Wales: Cardiff evangelist in 200-mile trek with a cross
Counties evangelist Clive Cornish has walked across Wales to share the Good News, tackling Snowdon, Cadair Idris and Pen-y-Fan as part of the gruelling trek ...
Counties evangelist Clive Cornish has walked across Wales to share the Good News, tackling Snowdon, Cadair Idris and Pen-y-Fan as part of the gruelling trek.
Whilst walking, Clive said: “A few people have been stopping me along the way, asking me why I’m doing this, but the support so far has been overwhelmingly positive.
“A lot of people tend to blame God for some of their failings, but my message is that unfortunate things often happen because of our own wrong decisions. At the end of the day though, God’s love conquers all."
Clive's personal story drives him to do the gruelling walk – he has previously travelled 450 miles around the perimeter of Wales carrying the heavy cross, and undertook a 750-mile trip a year later.
He’s walked with it from Land’s End to John O’Groats, and also made the journey from Holyhead to Cardiff in 2012. Clive has also completed several marathons carrying the cross, and plans to take part in Cardiff’s half marathon on October 4.
Clive has has a real passion for prison ministry and helping inmates who have given their lives to Christ to settle into a church and adjust to their new Christian life. Clive, who has served time in prison himself, said:
“I was born into a family with my mother, brother and sister being severely disabled and felt pressures of life very early on due to being the only able-bodied person in my family. I never felt that anyone loved me, and felt alone, different and rejected.
“My first conviction was at the age of 11 for shoplifting. I began sniffing glue, gas, petrol and other substances to escape life. At this time I befriended some people from a care home and unfortunately was sexually abused by one of them. When I was 14 I’d had enough and attempted suicide, not a cry for help, just concluded that if I didn't like me, how could anyone else?
“I developed a drink problem by the age of 15, being quite proud of how much I could drink, and making my own home brew. Burgling houses kept me in pocket. School was my most disliked place, I often paid my mother to stay at home. I was caught again at 15, this time actually in the house I was burgling and received a probation order.
“At 18 years old, a neighbour asked if I wanted to go a meeting where they prayed for the sick, 'Bible bashers' I said, 'well we do pray' she said. I wasn't keen to go, but her son was going, so I went too. An ex-highway patrolman from America was speaking. I repeated a simple prayer after this man, and something happened, I wasn't even sure what it was! I just felt clean inside, brand new! No drink or drug had ever made me feel like that. And I changed. A couple of my family became Christians too, my mother included and experienced God in a new way.
“Everything was great for around two years but then I met a homeless man and began drinking again, like I was making up for lost time! Lost my job, my flat was repossessed and I ended with a six-year prison sentence for robbery.

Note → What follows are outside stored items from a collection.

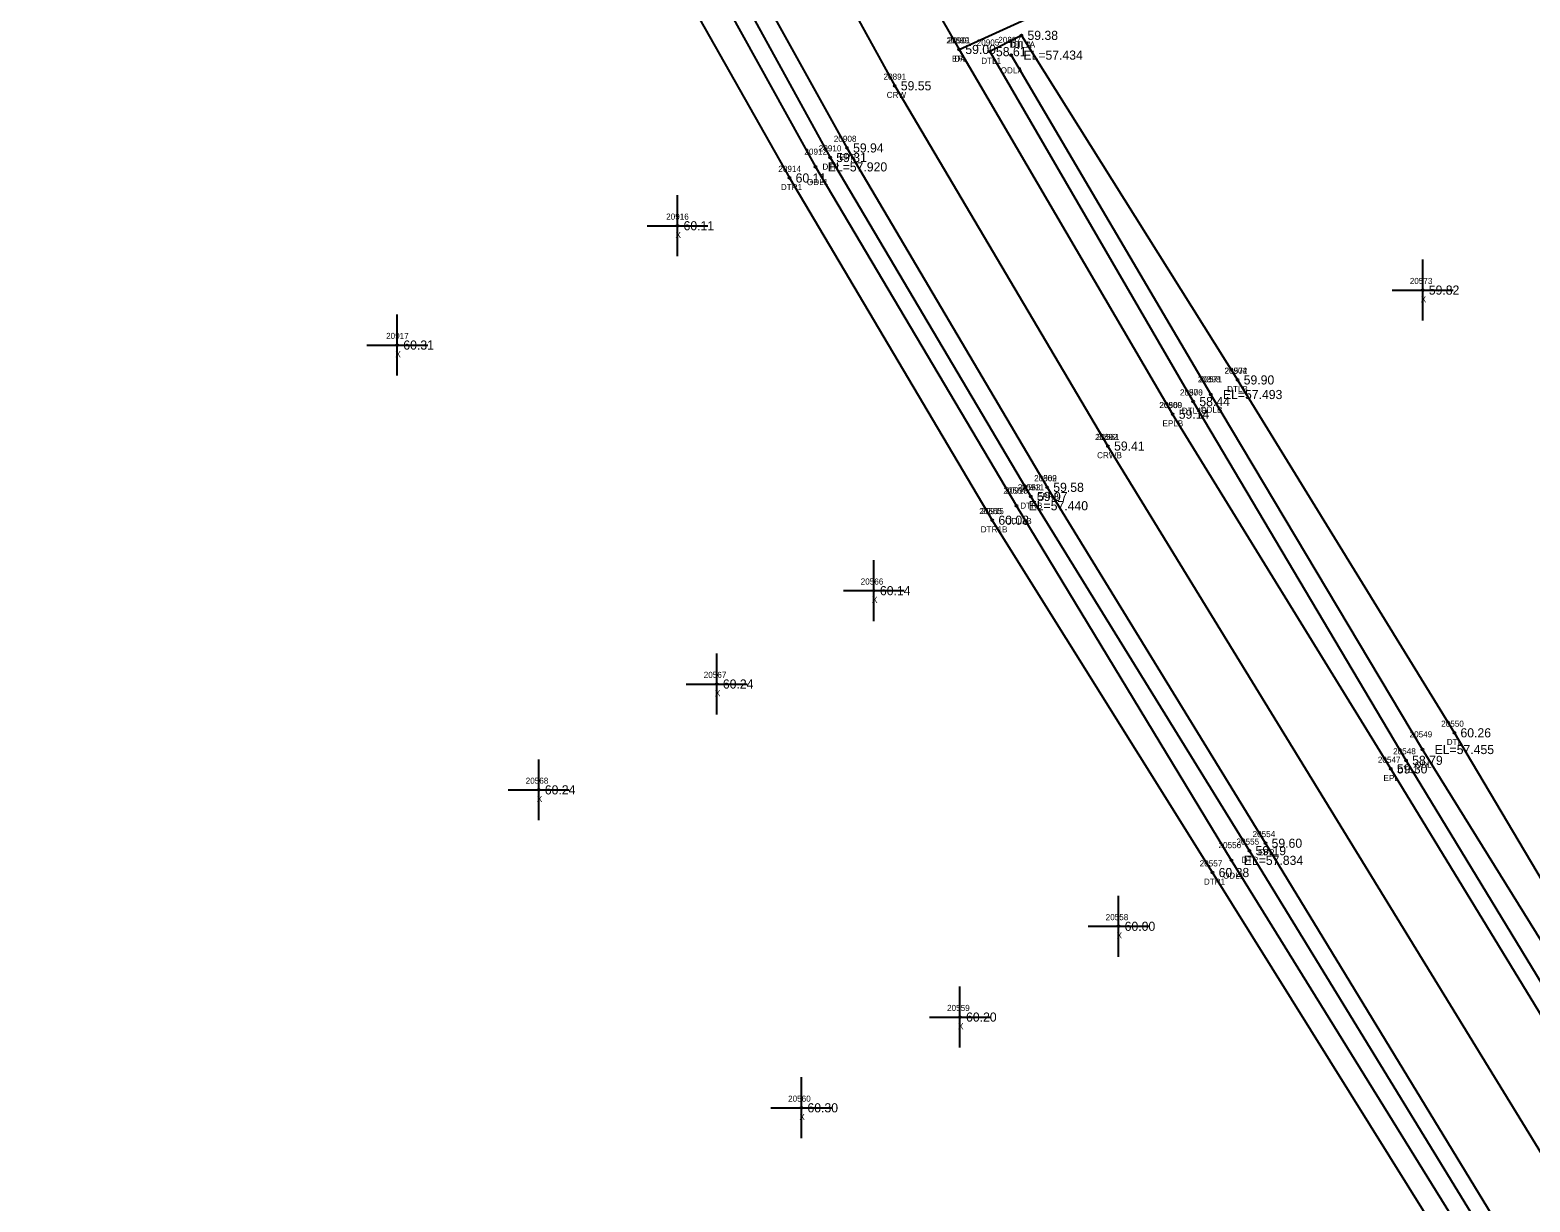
# Model space of a CAD drawing. Extents: x 2396547 to 2397655, y 770185 to 772649.
# Drawn here: x 2397093.2 to 2397339.4, y 770747.4 to 770939.8 of the extents above; entities that cross this region are included whole.
import ezdxf

# ---------------------------------------------------------------- set-up
doc = ezdxf.new("R2010")
doc.units = 0
for name, color, linetype in [('RD_DTM_BkLn1', 7, 'Continuous'), ('RD_EX_Driveway', 7, 'Continuous'), ('RD_EX_Driveway_txCode', 7, 'Continuous'), ('RD_EX_H2O', 7, 'Continuous'), ('RD_EX_H2O_txCode', 7, 'Continuous'), ('RD_EX_Misc', 7, 'Continuous'), ('RD_EX_Misc_txCode', 7, 'Continuous'), ('RD_EX_Road', 7, 'Continuous'), ('RD_EX_Road_txCode', 7, 'Continuous'), ('RD_EX_TX_Driveway_ELEV', 7, 'Continuous'), ('RD_EX_TX_H2O_ELEV', 7, 'Continuous'), ('RD_EX_TX_Misc_ELEV', 7, 'Continuous'), ('RD_EX_TX_Road_ELEV', 7, 'Continuous'), ('RD_HC_Survey_ELEV', 7, 'Continuous'), ('RD_HC_Survey_txCode', 7, 'Continuous'), ('RD_SMD_Locator', 7, 'Continuous')]:
    doc.layers.add(name, color=color, linetype=linetype)

msp = doc.modelspace()

# ---------------------------------------------------------------- linework, layer by layer
at = {"layer": 'RD_DTM_BkLn1'}
for points in [[(2397104.78, 771217.07), (2397119.02, 771175.87), (2397143.13, 771113.88), (2397170.45, 771052.64), (2397197.01, 770999.9), (2397235.12, 770930.63), (2397270.14, 770871.5)], [(2397565.46, 770206.19), (2397547.69, 770280.33), (2397528.11, 770352.94), (2397504.84, 770424.66), (2397476.69, 770499.34), (2397447.19, 770566.69), (2397412.23, 770635.13), (2397363.03, 770719.95), (2397270.14, 770871.5)]]:
    msp.add_lwpolyline(points, dxfattribs=at)
at = {"layer": 'RD_EX_Driveway'}
msp.add_line((2397245.72, 770936.59), (2397279.64, 770952.05), dxfattribs=at)
at = {"layer": 'RD_EX_H2O'}
for p, q in [((2397255.92, 770938.9), (2397291.42, 770882.36)), ((2397254.25, 770935.66), (2397287.01, 770879.96))]:
    msp.add_line(p, q, dxfattribs=at)
for points in [[(2397108.85, 771101.86), (2397130.27, 771108.67), (2397157.99, 771046.03), (2397184.53, 770991.63), (2397224.53, 770918.86), (2397257.48, 770863.23)], [(2397126.28, 771104.16), (2397151.7, 771043.04), (2397181.8, 770990.14), (2397222.13, 770917.32), (2397255.11, 770861.71)], [(2397108.85, 771101.86), (2397123.52, 771093.58), (2397147.97, 771040.86), (2397177.5, 770986.79), (2397217.86, 770915.5), (2397251.15, 770859.33)], [(2397255.92, 770938.9), (2397250.75, 770936.23), (2397284.14, 770878.8)], [(2397586.15, 770211.51), (2397567.31, 770287.61), (2397548.79, 770357.79), (2397525.19, 770434.22), (2397495.53, 770510.39), (2397465.51, 770576.5), (2397430.55, 770645.5), (2397380.29, 770734.7), (2397327.01, 770824.44), (2397291.42, 770882.36)], [(2397579.43, 770209.93), (2397561.1, 770285.3), (2397543.19, 770356.19), (2397518.98, 770431.67), (2397489.88, 770507.8), (2397460.56, 770573.86), (2397425.02, 770642.83), (2397373.6, 770730.3), (2397319.08, 770819.92), (2397284.14, 770878.8)], [(2397583.73, 770210.91), (2397565.2, 770287.05), (2397546.34, 770357.13), (2397522.25, 770433.23), (2397493.26, 770509.76), (2397463.19, 770575.43), (2397428.34, 770644.33), (2397377.24, 770732.42), (2397321.77, 770821.7), (2397287.01, 770879.96)], [(2397428.38, 770563.87), (2397397.36, 770626.2), (2397348.29, 770710.09), (2397290.43, 770803.51), (2397255.11, 770861.71)], [(2397432.83, 770561.85), (2397399.16, 770627.27), (2397350.75, 770711.42), (2397293.36, 770805.09), (2397257.48, 770863.23)], [(2397432.83, 770561.85), (2397426.86, 770559.56), (2397394.23, 770624.59), (2397345.55, 770708.21), (2397287.31, 770801.51), (2397251.15, 770859.33)]]:
    msp.add_lwpolyline(points, dxfattribs=at)
at = {"layer": 'RD_EX_Misc'}
for p, q in [((2397199.46, 770902.66), (2397199.46, 770912.66)), ((2397194.46, 770907.66), (2397204.46, 770907.66)), ((2397321.81, 770892.1), (2397321.81, 770902.1)), ((2397316.81, 770897.1), (2397326.81, 770897.1)), ((2397153.45, 770883.08), (2397153.45, 770893.08)), ((2397148.45, 770888.08), (2397158.45, 770888.08)), ((2397231.7, 770842.77), (2397231.7, 770852.77)), ((2397226.7, 770847.77), (2397236.7, 770847.77)), ((2397205.91, 770827.45), (2397205.91, 770837.45)), ((2397200.91, 770832.45), (2397210.91, 770832.45)), ((2397176.68, 770810.08), (2397176.68, 770820.08)), ((2397171.68, 770815.08), (2397181.68, 770815.08)), ((2397271.88, 770787.69), (2397271.88, 770797.69)), ((2397266.88, 770792.69), (2397276.88, 770792.69)), ((2397245.84, 770772.79), (2397245.84, 770782.79)), ((2397240.84, 770777.79), (2397250.84, 770777.79)), ((2397219.8, 770757.9), (2397219.8, 770767.9)), ((2397214.8, 770762.9), (2397224.8, 770762.9))]:
    msp.add_line(p, q, dxfattribs=at)
at = {"layer": 'RD_EX_Road'}
for points in [[(2397113.76, 771228.75), (2397130.87, 771177.98), (2397154.19, 771118.49), (2397170.38, 771081.25), (2397178.53, 771063.49), (2397207.96, 771004.56), (2397238.54, 770949.11), (2397245.72, 770936.59), (2397280.76, 770876.73)], [(2397093.16, 771212.62), (2397108.35, 771171.65), (2397122.66, 771133.29), (2397131.66, 771109.5), (2397159.86, 771046.96), (2397187.02, 770992.86), (2397227.29, 770920.43), (2397260.16, 770864.73)], [(2397576.88, 770209.21), (2397558.85, 770284.47), (2397539.93, 770354.87), (2397515.81, 770430.13), (2397486.97, 770506.75), (2397457.82, 770572.7), (2397422.37, 770641.75), (2397371.16, 770729.12), (2397316.57, 770818.52), (2397280.76, 770876.73)], [(2397553.19, 770205.48), (2397535.12, 770280.96), (2397517, 770349.24), (2397493.4, 770422.78), (2397467.13, 770492.9), (2397441.16, 770551.74), (2397436.66, 770561.67), (2397402.21, 770629.28), (2397353, 770712.83), (2397296, 770806.32), (2397260.16, 770864.73)]]:
    msp.add_lwpolyline(points, dxfattribs=at)
at = {"layer": 'RD_SMD_Locator'}
for centre in [(2397255.92, 770938.9), (2397255.92, 770938.9), (2397245.72, 770936.59), (2397245.72, 770936.59), (2397250.75, 770936.23), (2397254.25, 770935.66), (2397235.12, 770930.63), (2397227.29, 770920.43), (2397224.53, 770918.86), (2397217.86, 770915.5), (2397222.13, 770917.32), (2397199.46, 770907.66), (2397321.81, 770897.1), (2397153.45, 770888.08), (2397291.42, 770882.36), (2397291.42, 770882.36), (2397284.14, 770878.8), (2397284.14, 770878.8), (2397287.01, 770879.96), (2397287.01, 770879.96), (2397280.76, 770876.73), (2397280.76, 770876.73), (2397270.14, 770871.5), (2397270.14, 770871.5), (2397260.16, 770864.73), (2397260.16, 770864.73), (2397255.11, 770861.71), (2397255.11, 770861.71), (2397257.48, 770863.23), (2397257.48, 770863.23), (2397251.15, 770859.33), (2397251.15, 770859.33), (2397231.7, 770847.77), (2397205.91, 770832.45), (2397327.01, 770824.44), (2397321.77, 770821.7), (2397319.08, 770819.92), (2397316.57, 770818.52), (2397176.68, 770815.08), (2397293.36, 770805.09), (2397296, 770806.32), (2397290.43, 770803.51), (2397287.31, 770801.51), (2397271.88, 770792.69), (2397245.84, 770777.79), (2397219.8, 770762.9)]:
    msp.add_circle(centre, 0.15, dxfattribs=at)

# ---------------------------------------------------------------- texts
at = {"layer": 'RD_EX_Driveway_txCode'}
for s, p in [('20901', (2397243.85, 770937.59)), ('DA', (2397244.93, 770934.59))]:
    msp.add_text(s, height=1, dxfattribs=at).set_placement(p)
at = {"layer": 'RD_EX_H2O_txCode'}
for s, p in [('20905', (2397248.59, 770937.23)), ('20897', (2397252.13, 770937.66)), ('DTL1A', (2397254.02, 770936.9)), ('DTLA', (2397254.19, 770936.9)), ('DTL1', (2397249.34, 770934.23)), ('ODLA', (2397252.52, 770932.66)), ('20912', (2397220.3, 770919.32)), ('20910', (2397222.66, 770919.86)), ('DTR', (2397223.26, 770916.86)), ('20914', (2397216.02, 770916.5)), ('DTR1', (2397216.43, 770913.5)), ('ODL1', (2397220.72, 770914.32)), ('20904', (2397289.26, 770883.36)), ('20572', (2397289.3, 770883.36)), ('20898', (2397284.89, 770881.96)), ('20571', (2397285.17, 770881.96)), ('DTLB', (2397289.7, 770880.36)), ('DTLB', (2397289.7, 770880.36)), ('20906', (2397281.96, 770879.8)), ('20570', (2397281.98, 770879.8)), ('DTL1B', (2397282.26, 770876.8)), ('DTL1B', (2397282.26, 770876.8)), ('ODLB', (2397285.29, 770876.96)), ('ODLB', (2397285.29, 770876.96)), ('20564', (2397252.97, 770863.71)), ('20913', (2397253.27, 770863.71)), ('20563', (2397255.34, 770864.23)), ('20911', (2397255.93, 770864.23)), ('20565', (2397249.01, 770860.33)), ('20915', (2397249.32, 770860.33)), ('DTRB', (2397255.74, 770861.23)), ('DTRB', (2397255.74, 770861.23)), ('ODL1B', (2397253.23, 770858.71)), ('ODL1B', (2397253.23, 770858.71)), ('DTR1B', (2397249.25, 770857.33)), ('DTR1B', (2397249.25, 770857.33)), ('20549', (2397319.66, 770823.7)), ('20550', (2397324.85, 770825.44)), ('20548', (2397316.96, 770820.92)), ('DTL', (2397325.76, 770822.44)), ('ODL', (2397320.53, 770818.7)), ('DTL1', (2397317.67, 770817.92)), ('20555', (2397291.24, 770806.09)), ('20556', (2397288.29, 770805.51)), ('20557', (2397285.19, 770802.51)), ('DTR', (2397292.09, 770803.09)), ('DTR1', (2397285.88, 770799.51)), ('ODL1', (2397289.02, 770800.51))]:
    msp.add_text(s, height=1, dxfattribs=at).set_placement(p)
at = {"layer": 'RD_EX_Misc_txCode'}
for s, p in [('20916', (2397197.6, 770908.66)), ('X', (2397199.14, 770905.66)), ('20573', (2397319.69, 770898.1)), ('X', (2397321.49, 770895.1)), ('20917', (2397151.62, 770889.08)), ('X', (2397153.14, 770886.08)), ('20566', (2397229.54, 770848.77)), ('X', (2397231.39, 770845.77)), ('20567', (2397203.77, 770833.45)), ('X', (2397205.6, 770830.45)), ('20568', (2397174.54, 770816.08)), ('X', (2397176.37, 770813.08)), ('20558', (2397269.76, 770793.69)), ('X', (2397271.56, 770790.69)), ('20559', (2397243.72, 770778.79)), ('X', (2397245.52, 770775.79)), ('20560', (2397217.62, 770763.9)), ('X', (2397219.48, 770760.9))]:
    msp.add_text(s, height=1, dxfattribs=at).set_placement(p)
at = {"layer": 'RD_EX_Road_txCode'}
for s, p in [('20899', (2397243.61, 770937.59)), ('EPL', (2397244.52, 770934.59)), ('20908', (2397225.13, 770921.43)), ('EPR', (2397226.06, 770918.43)), ('20900', (2397278.56, 770877.73)), ('20569', (2397278.61, 770877.73)), ('EPLB', (2397279.08, 770874.73)), ('EPLB', (2397279.08, 770874.73)), ('20909', (2397258.01, 770865.73)), ('20562', (2397258.02, 770865.73)), ('EPRB', (2397258.46, 770862.73)), ('EPRB', (2397258.46, 770862.73)), ('20547', (2397314.45, 770819.52)), ('EPL', (2397315.37, 770816.52)), ('20554', (2397293.88, 770807.32)), ('EPR', (2397294.77, 770804.32))]:
    msp.add_text(s, height=1, dxfattribs=at).set_placement(p)
at = {"layer": 'RD_EX_TX_Driveway_ELEV'}
msp.add_text('59.00', height=1.5, dxfattribs=at).set_placement((2397246.72, 770935.84))
at = {"layer": 'RD_EX_TX_H2O_ELEV'}
for s, p in [('59.38', (2397256.92, 770938.15)), ('59.38', (2397256.92, 770938.15)), ('58.61', (2397251.75, 770935.48)), ('EL=57.434', (2397256.25, 770934.91)), ('EL=57.920', (2397224.13, 770916.57)), ('59.31', (2397225.53, 770918.11)), ('60.11', (2397218.86, 770914.75)), ('59.90', (2397292.42, 770881.61)), ('59.90', (2397292.42, 770881.61)), ('58.44', (2397285.14, 770878.05)), ('58.44', (2397285.14, 770878.05)), ('EL=57.493', (2397289.01, 770879.21)), ('EL=57.493', (2397289.01, 770879.21)), ('59.07', (2397258.48, 770862.48)), ('59.07', (2397258.48, 770862.48)), ('EL=57.440', (2397257.11, 770860.96)), ('EL=57.440', (2397257.11, 770860.96)), ('60.08', (2397252.15, 770858.58)), ('60.08', (2397252.15, 770858.58)), ('60.26', (2397328.01, 770823.69)), ('EL=57.455', (2397323.77, 770820.95)), ('58.79', (2397320.08, 770819.17)), ('59.19', (2397294.36, 770804.34)), ('60.28', (2397288.31, 770800.76)), ('EL=57.834', (2397292.43, 770802.76))]:
    msp.add_text(s, height=1.5, dxfattribs=at).set_placement(p)
at = {"layer": 'RD_EX_TX_Misc_ELEV'}
for s, p in [('60.11', (2397200.46, 770906.91)), ('59.82', (2397322.81, 770896.35)), ('60.31', (2397154.45, 770887.33)), ('60.14', (2397232.7, 770847.02)), ('60.24', (2397206.91, 770831.7)), ('60.24', (2397177.68, 770814.33)), ('60.00', (2397272.88, 770791.94)), ('60.20', (2397246.84, 770777.04)), ('60.30', (2397220.8, 770762.15))]:
    msp.add_text(s, height=1.5, dxfattribs=at).set_placement(p)
at = {"layer": 'RD_EX_TX_Road_ELEV'}
for s, p in [('59.00', (2397246.72, 770935.84)), ('59.94', (2397228.29, 770919.68)), ('59.14', (2397281.76, 770875.98)), ('59.14', (2397281.76, 770875.98)), ('59.58', (2397261.16, 770863.98)), ('59.58', (2397261.16, 770863.98)), ('59.30', (2397317.57, 770817.77)), ('59.60', (2397297, 770805.57))]:
    msp.add_text(s, height=1.5, dxfattribs=at).set_placement(p)
at = {"layer": 'RD_HC_Survey_ELEV'}
for s, p in [('59.55', (2397236.12, 770929.88)), ('59.41', (2397271.14, 770870.75)), ('59.41', (2397271.14, 770870.75))]:
    msp.add_text(s, height=1.5, dxfattribs=at).set_placement(p)
at = {"layer": 'RD_HC_Survey_txCode'}
for s, p in [('20891', (2397233.29, 770931.63)), ('CRW', (2397233.81, 770928.63)), ('20892', (2397268.02, 770872.5)), ('20561', (2397268.28, 770872.5)), ('CRWB', (2397268.35, 770869.5)), ('CRWB', (2397268.35, 770869.5))]:
    msp.add_text(s, height=1, dxfattribs=at).set_placement(p)

doc.saveas('drawing.dxf')

“I actually found prison life pretty easy, washing was done, food was cooked and someone held the keys – no responsibility but it was here I was given an opportunity to look back on my life. Why I kept getting it wrong. Why I was the kind of person I was, time to look at my family. The only thing I did miss was freedom.
“I served 3½ years of the six-year sentence and on my last day, I sat and looked out of the window, and thought ‘I can be in and out of prison for the rest of my life or I can mean that prayer I said ... Jesus, my life belongs to you.’ It was then a significant change took place, the way I see it now, God kept His promise and stayed with me. I was released, got a job, married Fiona, we had three girls and I've been a full time evangelist with Counties for 13 years.
“I am now involved with prison work visiting Prescoed Prison to lead a service and also helping those released by teaching successful living in Christ. My heart is to 'teach successful living' upon release. Becoming a Christian whilst in prison is great! But the problem is that you only know the life you led before prison, and it certainly isn't the same upon release, many are set free from prison but remain captive to prison life, or in bondage to worldly life.
“My experience tells me that my nature wants to do the things I know, and I have to choose daily to do things Jesus wants me to do. A current friend at Prescoed recently said, ' I found Jesus on my first day in prison, and I've never been so happy, I'm afraid it will stop when I get out'.
"These guys need support upon release, and that's another area we can help. By keeping contact with these men, helping them find a suitable place of worship, attending with them for a couple of weeks to settle in.”